Saved entries
Content starts
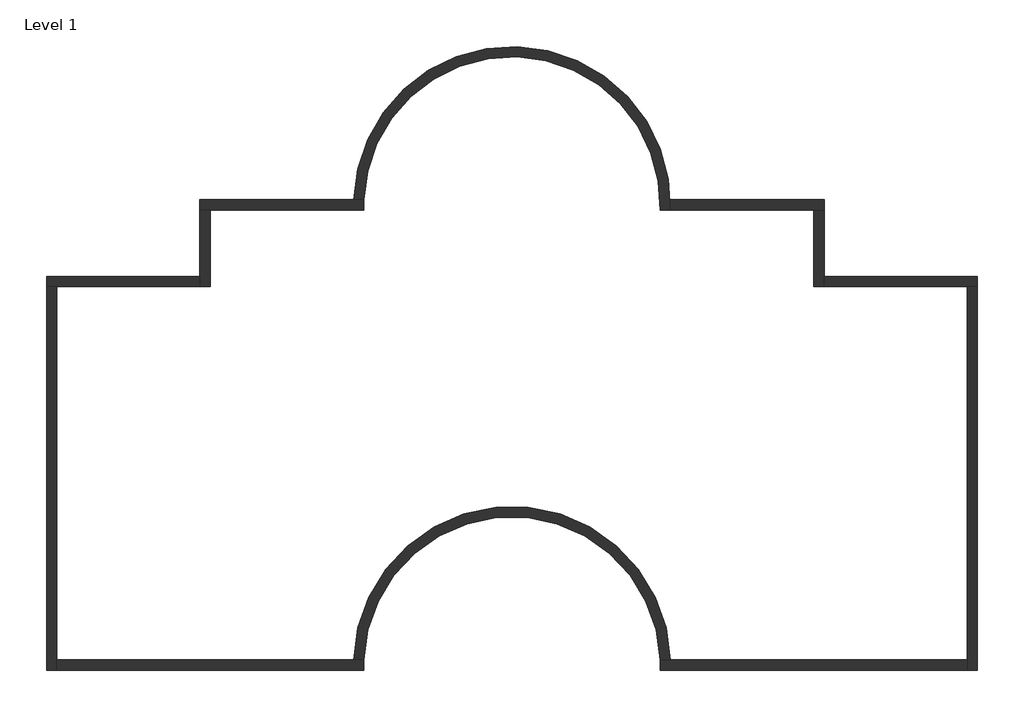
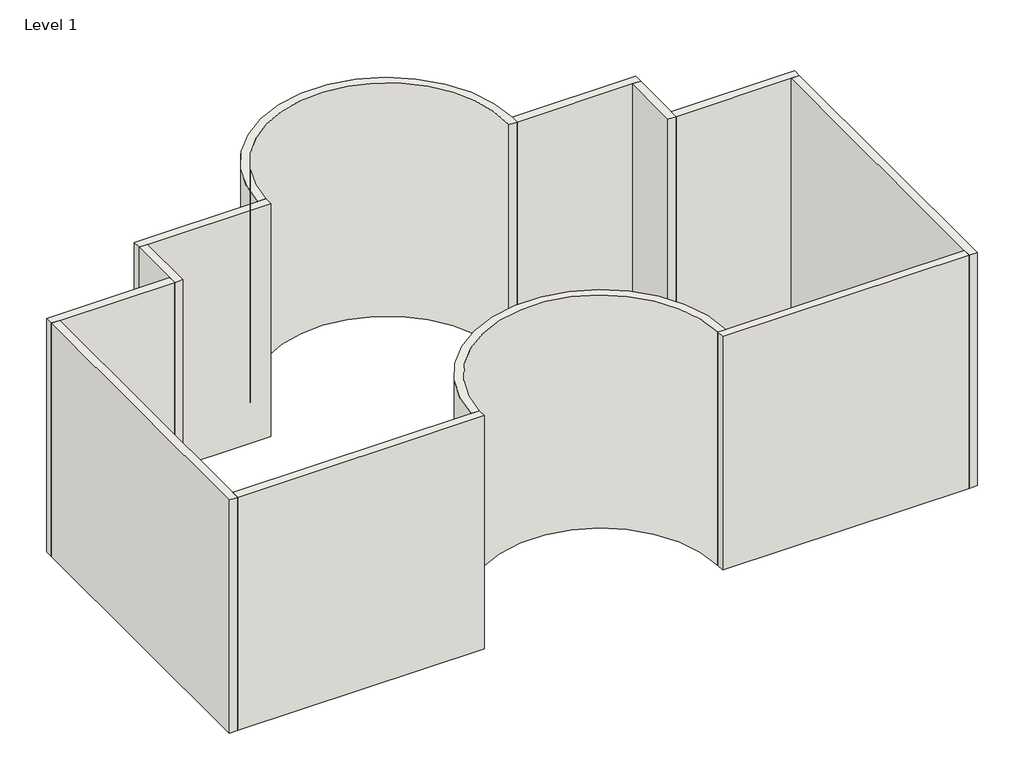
# One storey: 12 walls.
"""IFC4 building model written with IfcOpenShell, lengths in millimetres."""

from ifc_helpers import new_model, si_unit, point, frame, frame_2d, origin, origin_with_axes, place, context, project, spatial, polyline, circle_curve, trimmed, segment, composite_curve, outline, extrude, faceted_brep, element, save
from ifc_brep_helpers import plane_surface, cylinder_surface, revolved_surface, advanced_brep

model = new_model("IFC4")

# Units and contexts
model_context = context("Model", 3, world=origin())
ifc_project = project(units=[si_unit("LENGTHUNIT", "METRE", prefix="MILLI")], contexts=[model_context])

# Site, building, storey
site = spatial("IfcSite", under=ifc_project)
building = spatial("IfcBuilding", under=site)
storey = spatial("IfcBuildingStorey", under=building, Name="Level 1", Elevation=0.0)

# Walls
placement = place(None, origin())
element("IfcWall", 1, ObjectType="Generic - 8\"", at=placement, inside=storey, context=model_context, shape_type="AdvancedBrep", body=[
    advanced_brep(
    [(-911.0569066, 6435.3281437, 0.0), (-1114.3700155, 6435.3281437, 0.0), (-4164.0091517, 6435.3281437, 0.0), (-4164.0091517, 6435.3281437, 6096.0), (-1114.3700155, 6435.3281437, 6096.0), (-911.0569066, 6435.3281437, 6096.0), (-911.0569066, 6232.1281437, 0.0), (-911.0569066, 6232.1281437, 6096.0), (-3960.8091517, 6232.1281437, 6096.0), (-4164.0091517, 6232.1281437, 6096.0), (-4164.0091517, 6232.1281437, 0.0), (-3960.8091517, 6232.1281437, 0.0)],
    [
        (0, 1),
        (1, 2),
        (2, 3),
        (3, 4),
        (4, 5),
        (5, 0),
        (6, 7),
        (7, 8),
        (8, 9),
        (9, 10),
        (10, 11),
        (11, 6),
        (0, 6, circle_curve(frame((2033.5908483, 6333.7281437, 0.0), z_axis=(0.0, 0.0, 1.0), x_axis=(1.0, 0.0, 0.0)), 2946.4)),
        (10, 2),
        (3, 9),
        (7, 5, circle_curve(frame((2033.5908483, 6333.7281437, 6096.0), z_axis=(0.0, 0.0, -1.0), x_axis=(1.0, 0.0, 0.0)), 2946.4)),
    ],
    [
        plane_surface(frame((-1014.4091517, 6435.3281437, 0.0), z_axis=(0.0, 1.0, 0.0), x_axis=(-1.0, 0.0, 0.0))),
        plane_surface(frame((-1014.4091517, 6232.1281437, 0.0), z_axis=(0.0, -1.0, 0.0), x_axis=(1.0, 0.0, 0.0))),
        plane_surface(frame((-1014.4091517, 6435.3281437, 0.0), z_axis=(0.0, 0.0, -1.0), x_axis=(0.0, -1.0, 0.0))),
        plane_surface(frame((-4062.4091517, 6435.3281437, 6096.0), z_axis=(0.0, 0.0, 1.0), x_axis=(0.0, -1.0, 0.0))),
        plane_surface(frame((-4164.0091517, 6333.7281437, 0.0), z_axis=(-1.0, 0.0, 0.0), x_axis=(0.0, -1.0, 0.0))),
        revolved_surface(polyline([(4979.9908483, 6333.7281437, 0.0), (4979.9908483, 6333.7281437, 6096.0)]), (2033.5908483, 6333.7281437, 0.0), (0.0, 0.0, -1.0)),
    ],
    [
        (0, [[1, 2, 3, 4, 5, 6]]),
        (1, [[7, 8, 9, 10, 11, 12]]),
        (2, [[-2, -1, 13, -12, -11, 14]]),
        (3, [[-5, -4, 15, -9, -8, 16]]),
        (4, [[-3, -14, -10, -15]]),
        (5, [[-6, -16, -7, -13]]),
    ],
),
])
element("IfcWall", 2, ObjectType="Generic - 8\"", at=placement, inside=storey, context=model_context, shape_type="Brep", body=[
    faceted_brep([(-4164.0091517, 6232.1281437, 0.0), (-4164.0091517, 4911.3281437, 0.0), (-4164.0091517, 4708.1281437, 0.0), (-4164.0091517, 4708.1281437, 6096.0), (-4164.0091517, 4911.3281437, 6096.0), (-4164.0091517, 6232.1281437, 6096.0), (-3960.8091517, 6232.1281437, 0.0), (-3960.8091517, 6232.1281437, 6096.0), (-3960.8091517, 4708.1281437, 6096.0), (-3960.8091517, 4708.1281437, 0.0)], [[[0, 1, 2, 3, 4, 5]], [[6, 7, 8, 9]], [[2, 1, 0, 6, 9]], [[5, 4, 3, 8, 7]], [[3, 2, 9, 8]], [[0, 5, 7, 6]]]),
])
element("IfcWall", 3, ObjectType="Generic - 8\"", at=placement, inside=storey, context=model_context, shape_type="Brep", body=[
    faceted_brep([(-4164.0091517, 4911.3281437, 0.0), (-7212.0091517, 4911.3281437, 0.0), (-7212.0091517, 4911.3281437, 6096.0), (-4164.0091517, 4911.3281437, 6096.0), (-4164.0091517, 4708.1281437, 0.0), (-4164.0091517, 4708.1281437, 6096.0), (-7008.8091517, 4708.1281437, 6096.0), (-7212.0091517, 4708.1281437, 6096.0), (-7212.0091517, 4708.1281437, 0.0), (-7008.8091517, 4708.1281437, 0.0)], [[[0, 1, 2, 3]], [[4, 5, 6, 7, 8, 9]], [[1, 0, 4, 9, 8]], [[3, 2, 7, 6, 5]], [[2, 1, 8, 7]], [[0, 3, 5, 4]]]),
])
element("IfcWall", 4, ObjectType="Generic - 8\"", at=placement, inside=storey, context=model_context, shape_type="Brep", body=[
    faceted_brep([(-7212.0091517, 4708.1281437, 0.0), (-7212.0091517, -2911.8718563, 0.0), (-7212.0091517, -2911.8718563, 6096.0), (-7212.0091517, 4708.1281437, 6096.0), (-7008.8091517, 4708.1281437, 0.0), (-7008.8091517, 4708.1281437, 6096.0), (-7008.8091517, -2708.6718563, 6096.0), (-7008.8091517, -2911.8718563, 6096.0), (-7008.8091517, -2911.8718563, 0.0), (-7008.8091517, -2708.6718563, 0.0)], [[[0, 1, 2, 3]], [[4, 5, 6, 7, 8, 9]], [[1, 0, 4, 9, 8]], [[3, 2, 7, 6, 5]], [[2, 1, 8, 7]], [[0, 3, 5, 4]]]),
])
element("IfcWall", 5, ObjectType="Generic - 8\"", at=placement, inside=storey, context=model_context, shape_type="AdvancedBrep", body=[
    advanced_brep(
    [(-7008.8091517, -2911.8718563, 0.0), (-911.0569066, -2911.8718563, 0.0), (-911.0569066, -2911.8718563, 6096.0), (-7008.8091517, -2911.8718563, 6096.0), (-7008.8091517, -2708.6718563, 0.0), (-7008.8091517, -2708.6718563, 6096.0), (-1114.3700155, -2708.6718563, 6096.0), (-911.0569066, -2708.6718563, 6096.0), (-911.0569066, -2708.6718563, 0.0), (-1114.3700155, -2708.6718563, 0.0)],
    [
        (0, 1),
        (1, 2),
        (2, 3),
        (3, 0),
        (4, 5),
        (5, 6),
        (6, 7),
        (7, 8),
        (8, 9),
        (9, 4),
        (0, 4),
        (8, 1, circle_curve(frame((2033.5908483, -2810.2718563, 0.0), z_axis=(0.0, 0.0, 1.0), x_axis=(1.0, 0.0, 0.0)), 2946.4)),
        (2, 7, circle_curve(frame((2033.5908483, -2810.2718563, 6096.0), z_axis=(0.0, 0.0, -1.0), x_axis=(1.0, 0.0, 0.0)), 2946.4)),
        (5, 3),
    ],
    [
        plane_surface(frame((-7110.4091517, -2911.8718563, 0.0), z_axis=(0.0, -1.0, 0.0), x_axis=(1.0, 0.0, 0.0))),
        plane_surface(frame((-7110.4091517, -2708.6718563, 0.0), z_axis=(0.0, 1.0, 0.0), x_axis=(-1.0, 0.0, 0.0))),
        plane_surface(frame((-7110.4091517, -2911.8718563, 0.0), z_axis=(0.0, 0.0, -1.0), x_axis=(0.0, 1.0, 0.0))),
        plane_surface(frame((-1014.4091517, -2911.8718563, 6096.0), z_axis=(0.0, 0.0, 1.0), x_axis=(0.0, 1.0, 0.0))),
        revolved_surface(polyline([(4979.9908483, -2810.2718563, 0.0), (4979.9908483, -2810.2718563, 6096.0)]), (2033.5908483, -2810.2718563, 0.0), (0.0, 0.0, -1.0)),
        plane_surface(frame((-7008.8091517, 4809.7281437, 0.0), z_axis=(-1.0, 0.0, 0.0), x_axis=(0.0, 1.0, 0.0))),
    ],
    [
        (0, [[1, 2, 3, 4]]),
        (1, [[5, 6, 7, 8, 9, 10]]),
        (2, [[-1, 11, -10, -9, 12]]),
        (3, [[-3, 13, -7, -6, 14]]),
        (4, [[-2, -12, -8, -13]]),
        (5, [[-4, -14, -5, -11]]),
    ],
),
])
element("IfcWall", 6, ObjectType="Generic - 8\"", at=placement, inside=storey, context=model_context, shape_type="AdvancedBrep", body=[
    advanced_brep(
    [(5181.5517121, 6232.1281437, 6096.0), (5181.5517121, 6435.3281437, 6096.0), (-1114.3700155, 6435.3281437, 6096.0), (-911.0569066, 6435.3281437, 6096.0), (4978.2386031, 6232.1281437, 6096.0), (5181.5517121, 6232.1281437, 0.0), (4978.2386031, 6232.1281437, 0.0), (-911.0569066, 6435.3281437, 0.0), (-1114.3700155, 6435.3281437, 0.0), (5181.5517121, 6435.3281437, 0.0)],
    [
        (0, 1, circle_curve(frame((2033.5908483, 6333.7281437, 6096.0), z_axis=(0.0, 0.0, 1.0), x_axis=(1.0, 0.0, 0.0)), 3149.6)),
        (1, 2, circle_curve(frame((2033.5908483, 6333.7281437, 6096.0), z_axis=(0.0, 0.0, 1.0), x_axis=(1.0, 0.0, 0.0)), 3149.6)),
        (2, 3),
        (3, 4, circle_curve(frame((2033.5908483, 6333.7281437, 6096.0), z_axis=(0.0, 0.0, -1.0), x_axis=(1.0, 0.0, 0.0)), 2946.4)),
        (4, 0),
        (5, 6),
        (6, 7, circle_curve(frame((2033.5908483, 6333.7281437, 0.0), z_axis=(0.0, 0.0, 1.0), x_axis=(1.0, 0.0, 0.0)), 2946.4)),
        (7, 8),
        (8, 9, circle_curve(frame((2033.5908483, 6333.7281437, 0.0), z_axis=(0.0, 0.0, -1.0), x_axis=(1.0, 0.0, 0.0)), 3149.6)),
        (9, 5, circle_curve(frame((2033.5908483, 6333.7281437, 0.0), z_axis=(0.0, 0.0, -1.0), x_axis=(1.0, 0.0, 0.0)), 3149.6)),
        (0, 5),
        (8, 2),
        (3, 7),
        (6, 4),
    ],
    [
        plane_surface(frame((5183.1908483, 6333.7281437, 6096.0), z_axis=(0.0, 0.0, 1.0), x_axis=(0.0, 1.0, 0.0))),
        plane_surface(frame((5183.1908483, 6333.7281437, 0.0), z_axis=(0.0, 0.0, -1.0), x_axis=(0.0, -1.0, 0.0))),
        cylinder_surface(frame((2033.5908483, 6333.7281437, 0.0), z_axis=(0.0, 0.0, 1.0), x_axis=(1.0, 0.0, 0.0)), 3149.6),
        revolved_surface(polyline([(4979.9908483, 6333.7281437, 0.0), (4979.9908483, 6333.7281437, 6096.0)]), (2033.5908483, 6333.7281437, 0.0), (0.0, 0.0, -1.0)),
        plane_surface(frame((5081.5908483, 6232.1281437, 0.0), z_axis=(0.0, -1.0, 0.0), x_axis=(1.0, 0.0, 0.0))),
        plane_surface(frame((-1014.4091517, 6435.3281437, 0.0), z_axis=(0.0, -1.0, 0.0), x_axis=(-1.0, 0.0, 0.0))),
    ],
    [
        (0, [[1, 2, 3, 4, 5]]),
        (1, [[6, 7, 8, 9, 10]]),
        (2, [[-2, -1, 11, -10, -9, 12]]),
        (3, [[-4, 13, -7, 14]]),
        (4, [[-5, -14, -6, -11]]),
        (5, [[-3, -12, -8, -13]]),
    ],
),
])
element("IfcWall", 7, ObjectType="Generic - 8\"", at=placement, inside=storey, context=model_context, shape_type="AdvancedBrep", body=[
    advanced_brep(
    [(5181.5517121, 6232.1281437, 0.0), (8027.9908483, 6232.1281437, 0.0), (8231.1908483, 6232.1281437, 0.0), (8231.1908483, 6232.1281437, 6096.0), (8027.9908483, 6232.1281437, 6096.0), (5181.5517121, 6232.1281437, 6096.0), (5181.5517121, 6435.3281437, 0.0), (5181.5517121, 6435.3281437, 6096.0), (8231.1908483, 6435.3281437, 6096.0), (8231.1908483, 6435.3281437, 0.0)],
    [
        (0, 1),
        (1, 2),
        (2, 3),
        (3, 4),
        (4, 5),
        (5, 0),
        (6, 7),
        (7, 8),
        (8, 9),
        (9, 6),
        (0, 6, circle_curve(frame((2033.5908483, 6333.7281437, 0.0), z_axis=(0.0, 0.0, 1.0), x_axis=(1.0, 0.0, 0.0)), 3149.6)),
        (9, 2),
        (3, 8),
        (7, 5, circle_curve(frame((2033.5908483, 6333.7281437, 6096.0), z_axis=(0.0, 0.0, -1.0), x_axis=(1.0, 0.0, 0.0)), 3149.6)),
    ],
    [
        plane_surface(frame((5081.5908483, 6232.1281437, 0.0), z_axis=(0.0, -1.0, 0.0), x_axis=(1.0, 0.0, 0.0))),
        plane_surface(frame((5081.5908483, 6435.3281437, 0.0), z_axis=(0.0, 1.0, 0.0), x_axis=(-1.0, 0.0, 0.0))),
        plane_surface(frame((5081.5908483, 6232.1281437, 0.0), z_axis=(0.0, 0.0, -1.0), x_axis=(0.0, 1.0, 0.0))),
        plane_surface(frame((8129.5908483, 6232.1281437, 6096.0), z_axis=(0.0, 0.0, 1.0), x_axis=(0.0, 1.0, 0.0))),
        plane_surface(frame((8231.1908483, 6333.7281437, 0.0), z_axis=(1.0, 0.0, 0.0), x_axis=(0.0, 1.0, 0.0))),
        revolved_surface(polyline([(5183.1908483, 6333.7281437, 6096.0), (5183.1908483, 6333.7281437, 0.0)]), (2033.5908483, 6333.7281437, 0.0), (0.0, 0.0, 1.0)),
    ],
    [
        (0, [[1, 2, 3, 4, 5, 6]]),
        (1, [[7, 8, 9, 10]]),
        (2, [[-2, -1, 11, -10, 12]]),
        (3, [[-5, -4, 13, -8, 14]]),
        (4, [[-3, -12, -9, -13]]),
        (5, [[-6, -14, -7, -11]]),
    ],
),
])
element("IfcWall", 8, ObjectType="Generic - 8\"", at=placement, inside=storey, context=model_context, shape_type="Brep", body=[
    faceted_brep([(8027.9908483, 6232.1281437, 0.0), (8027.9908483, 4708.1281437, 0.0), (8027.9908483, 4708.1281437, 6096.0), (8027.9908483, 6232.1281437, 6096.0), (8231.1908483, 6232.1281437, 0.0), (8231.1908483, 6232.1281437, 6096.0), (8231.1908483, 4911.3281437, 6096.0), (8231.1908483, 4708.1281437, 6096.0), (8231.1908483, 4708.1281437, 0.0), (8231.1908483, 4911.3281437, 0.0)], [[[0, 1, 2, 3]], [[4, 5, 6, 7, 8, 9]], [[1, 0, 4, 9, 8]], [[3, 2, 7, 6, 5]], [[2, 1, 8, 7]], [[0, 3, 5, 4]]]),
])
element("IfcWall", 9, ObjectType="Generic - 8\"", at=placement, inside=storey, context=model_context, shape_type="Brep", body=[
    faceted_brep([(8231.1908483, 4708.1281437, 0.0), (11075.9908483, 4708.1281437, 0.0), (11279.1908483, 4708.1281437, 0.0), (11279.1908483, 4708.1281437, 6096.0), (11075.9908483, 4708.1281437, 6096.0), (8231.1908483, 4708.1281437, 6096.0), (8231.1908483, 4911.3281437, 0.0), (8231.1908483, 4911.3281437, 6096.0), (11279.1908483, 4911.3281437, 6096.0), (11279.1908483, 4911.3281437, 0.0)], [[[0, 1, 2, 3, 4, 5]], [[6, 7, 8, 9]], [[2, 1, 0, 6, 9]], [[5, 4, 3, 8, 7]], [[3, 2, 9, 8]], [[0, 5, 7, 6]]]),
])
element("IfcWall", 10, ObjectType="Generic - 8\"", at=placement, inside=storey, context=model_context, shape_type="Brep", body=[
    faceted_brep([(11075.9908483, 4708.1281437, 0.0), (11075.9908483, -2708.6718563, 0.0), (11075.9908483, -2911.8718563, 0.0), (11075.9908483, -2911.8718563, 6096.0), (11075.9908483, -2708.6718563, 6096.0), (11075.9908483, 4708.1281437, 6096.0), (11279.1908483, 4708.1281437, 0.0), (11279.1908483, 4708.1281437, 6096.0), (11279.1908483, -2911.8718563, 6096.0), (11279.1908483, -2911.8718563, 0.0)], [[[0, 1, 2, 3, 4, 5]], [[6, 7, 8, 9]], [[2, 1, 0, 6, 9]], [[5, 4, 3, 8, 7]], [[3, 2, 9, 8]], [[0, 5, 7, 6]]]),
])
element("IfcWall", 11, ObjectType="Generic - 8\"", at=placement, inside=storey, context=model_context, shape_type="AdvancedBrep", body=[
    advanced_brep(
    [(11075.9908483, -2708.6718563, 0.0), (5181.5517121, -2708.6718563, 0.0), (4978.2386031, -2708.6718563, 0.0), (4978.2386031, -2708.6718563, 6096.0), (5181.5517121, -2708.6718563, 6096.0), (11075.9908483, -2708.6718563, 6096.0), (11075.9908483, -2911.8718563, 0.0), (11075.9908483, -2911.8718563, 6096.0), (4978.2386031, -2911.8718563, 6096.0), (4978.2386031, -2911.8718563, 0.0)],
    [
        (0, 1),
        (1, 2),
        (2, 3),
        (3, 4),
        (4, 5),
        (5, 0),
        (6, 7),
        (7, 8),
        (8, 9),
        (9, 6),
        (0, 6),
        (9, 2, circle_curve(frame((2033.5908483, -2810.2718563, 0.0), z_axis=(0.0, 0.0, 1.0), x_axis=(1.0, 0.0, 0.0)), 2946.4)),
        (3, 8, circle_curve(frame((2033.5908483, -2810.2718563, 6096.0), z_axis=(0.0, 0.0, -1.0), x_axis=(1.0, 0.0, 0.0)), 2946.4)),
        (7, 5),
    ],
    [
        plane_surface(frame((11177.5908483, -2708.6718563, 0.0), z_axis=(0.0, 1.0, 0.0), x_axis=(-1.0, 0.0, 0.0))),
        plane_surface(frame((11177.5908483, -2911.8718563, 0.0), z_axis=(0.0, -1.0, 0.0), x_axis=(1.0, 0.0, 0.0))),
        plane_surface(frame((11177.5908483, -2708.6718563, 0.0), z_axis=(0.0, 0.0, -1.0), x_axis=(0.0, -1.0, 0.0))),
        plane_surface(frame((5081.5908483, -2708.6718563, 6096.0), z_axis=(0.0, 0.0, 1.0), x_axis=(0.0, -1.0, 0.0))),
        revolved_surface(polyline([(4979.9908483, -2810.2718563, 0.0), (4979.9908483, -2810.2718563, 6096.0)]), (2033.5908483, -2810.2718563, 0.0), (0.0, 0.0, -1.0)),
        plane_surface(frame((11075.9908483, 4809.7281437, 0.0), z_axis=(1.0, 0.0, 0.0), x_axis=(0.0, -1.0, 0.0))),
    ],
    [
        (0, [[1, 2, 3, 4, 5, 6]]),
        (1, [[7, 8, 9, 10]]),
        (2, [[-2, -1, 11, -10, 12]]),
        (3, [[-5, -4, 13, -8, 14]]),
        (4, [[-3, -12, -9, -13]]),
        (5, [[-6, -14, -7, -11]]),
    ],
),
])
element("IfcWall", 12, ObjectType="Generic - 8\"", at=placement, inside=storey, context=model_context, shape_type="SweptSolid", body=[
    extrude(outline(composite_curve([segment(polyline([(5181.5517121, -2708.6718563), (4978.2386031, -2708.6718563)]), True, "CONTINUOUS"), segment(trimmed(circle_curve(frame_2d((2033.5908483, -2810.2718563)), 2946.4), [point((4978.2386031, -2708.6718563))], [point((-911.0569066, -2708.6718563))], True, "CARTESIAN"), True, "CONTINUOUS"), segment(polyline([(-911.0569066, -2708.6718563), (-1114.3700155, -2708.6718563)]), True, "CONTINUOUS"), segment(trimmed(circle_curve(frame_2d((2033.5908483, -2810.2718563)), 3149.6), [point((-1114.3700155, -2708.6718563))], [point((5181.5517121, -2708.6718563))], False, "CARTESIAN"), True, "CONTINUOUS")], self_intersect=False)), origin_with_axes(), (0.0, 0.0, 1.0), 6096.0),
])

save(model, "model.ifc")
Content ends
TASK DESCRIPTION => State the number of lines in the records that contain the string "point". Nothing else is needed.

ANSWER SPACE => 2